Below I try to explain what I have found in the process for a solution and the code I used which should be ready to use (you need to just change the path to the images you want to analyze).
I had two main problems.
The first problem of the color counting was the format of the image. I was using (for some of the tests) .jpeg images that compress the image.
Therefore from something like this
If I would zoom in the top left corner of the glass (marked in green) I was seeing something like this
Which obviously is not good since it will introduce many more colors than the ones "visible to the human eye"
Instead, for my annotated images I had something like the following
If I zoom in the saddle of the bike (marked in green) I had something like this
The second problem was that I did not convert my image into an RGB image.
This is taken care in the code from the line:
img = Image.open(filename).convert('RGB')
The code is below. For sure it is not the most efficient but for me it does the job.

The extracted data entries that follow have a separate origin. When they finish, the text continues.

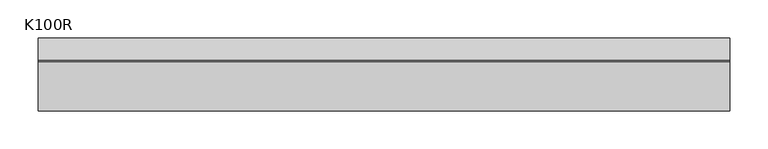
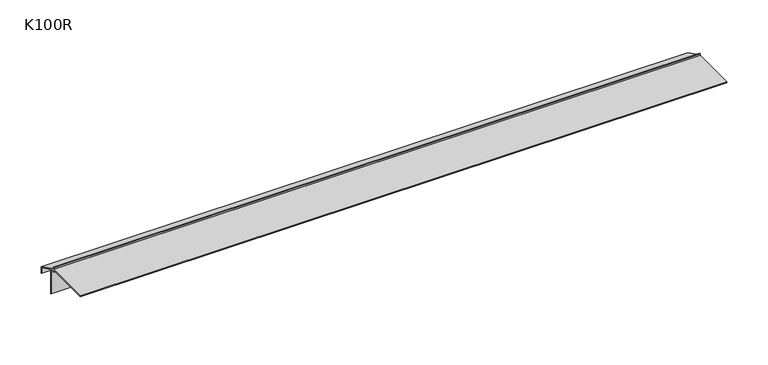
"""IFC4 building model written with IfcOpenShell, lengths in millimetres: proxy geometry, K100R Profil okapowy prosty z rynną : K100R."""

from ifc_helpers import new_model, si_unit, frame, origin, place, context, project, spatial, polyline, outline, extrude, source, transform, mapped, element, save


def k100r_cd817782(model_context):
    return source(origin(), model_context, "Body", "SweptSolid", [
        extrude(outline(polyline([(31.2999993, -17.3500005), (31.2999993, -26.6), (30.0499993, -25.9199265), (30.0499993, -18.1225422), (7.9999999, -7.0975422), (7.9999999, -43.6535517), (6.5000001, -42.1535547), (6.5000001, -6.3475423), (1.1999998, -3.697542), (1.1999998, -6.2999991), (0.0, -6.2999991), (0.0, -3.6), (-64.7000037, -3.6), (-64.7000037, -2.3499993), (0.0, -2.3499993), (0.0, 0.0), (1.2999997, 0.0), (1.2999997, -2.3500002), (31.2999993, -17.3500005)])), frame((0.0, 0.0, 0.0), z_axis=(1.0, 0.0, 0.0), x_axis=(0.0, 1.0, 0.0)), (0.0, 0.0, 1.0), 910.0),
    ])


if __name__ == "__main__":
    model = new_model("IFC4")
    model_context = context("Model", 3, world=origin())
    ifc_project = project(units=[si_unit("LENGTHUNIT", "METRE", prefix="MILLI")], contexts=[model_context])
    site = spatial("IfcSite", under=ifc_project)
    building = spatial("IfcBuilding", under=site)
    placement = place(None, origin())
    k100r_shape = k100r_cd817782(model_context)
    element("IfcBuildingElementProxy", 1, Name="K100R Profil okapowy prosty z rynną : K100R", ObjectType="K100R Profil okapowy prosty z rynną : K100R", at=placement, inside=building, context=model_context, shape_type="MappedRepresentation", body=[
        mapped(k100r_shape, transform((0.0, 0.0, 0.0), x_axis=(1.0, 0.0, 0.0), y_axis=(0.0, 1.0, 0.0), z_axis=(0.0, 0.0, 1.0))),
    ])
    save(model, "model.ifc")

Any suggestion to improve its performance is appreciated
import numpy as np
from PIL import Image
import argparse
import os
debug = False
def main(data_dir):
print("This small script allows you to count the number of different colors in an image")
print("This code has been written to count the number of classes in images from a semantic segmentation dataset")
print("Therefore, it is highly recommended to run this code on lossless images (such as .png ones)")
print("Images are being loaded from: {}".format(data_dir))
directory = os.fsencode(data_dir)
interesting_image_format = ".png"
# I will put in the variable filenames all the paths to the images to be analyzed
filenames = []
for file in os.listdir(directory):
filename = os.fsdecode(file)
if filename.endswith(interesting_image_format):
if debug:
print(os.path.join(directory, filename))
print("Analyzing image: {}".format(filename))
filenames.append(os.path.join(data_dir, filename))
else:
if debug:
print("I am not doing much here...")
continue
# Sort the filenames in an alphabetical order
filenames.sort()
# Analyze the images (i.e., count the different number of colors in the images)
number_of_colors_in_images = []
for filename in filenames:
img = Image.open(filename).convert('RGB')
if debug:
print(img.format)
print(img.size)
print(img.mode)
data_img = np.asarray(img)
if debug:
print(data_img.shape)
uniques = np.unique(data_img.reshape(-1, data_img.shape[-1]), axis=0)
# uncomment the following line if you want information for each analyzed image
print("The number of different colors in image ({}) {} is: {}".format(interesting_image_format, filename, len(uniques)))
# print("uniques.shape[0] for image {} is: {}".format(filename, uniques.shape[0]))
# Put the number of colors of each image into an array
number_of_colors_in_images.append(len(uniques))
print(number_of_colors_in_images)
# Print the maximum number of colors (classes) of all the analyzed images
print(np.max(number_of_colors_in_images))
# Print the average number of colors (classes) of all the analyzed images
print(np.average(number_of_colors_in_images))
def args_preprocess():
# Command line arguments
parser = argparse.ArgumentParser()
parser.add_argument(
"--data_dir", default="default_path_to_images", type=str, help='Specify the directory path from where to take the images of which we want to count the classes')
args = parser.parse_args()
main(args.data_dir)
if __name__ == '__main__':
args_preprocess()

The thing mentioned above about the lossy compression in .jpeg images and lossless compression in .png seems to be a nice thing to point out. But you can use the following piece of code to get the number of classes from a mask.
This is only applicable on .png images. Not tested on .jpeg images.
import cv2 as cv
import numpy as np
img_path = r'C:\Users\Bhavya\Downloads\img.png'
img = cv.imread(img_path)
img = np.array(img, dtype='int32')
pixels = []
for i in range(img.shape[0]):
for j in range(img.shape[1]):
r, g, b = list(img[i, j, :])
pixels.append((r, g, b))
pixels = list(set(pixels))
print(len(pixels))
In this solution what I have done is appended pair of pixel values(RGB) in the input image to a list and converted the list to set and then back to list. The first conversion of list to set removes all the duplicate elements(here pixel values) and gives unique pixel values and the next conversion from set to list is optional and just to apply some future list operations on the pixels.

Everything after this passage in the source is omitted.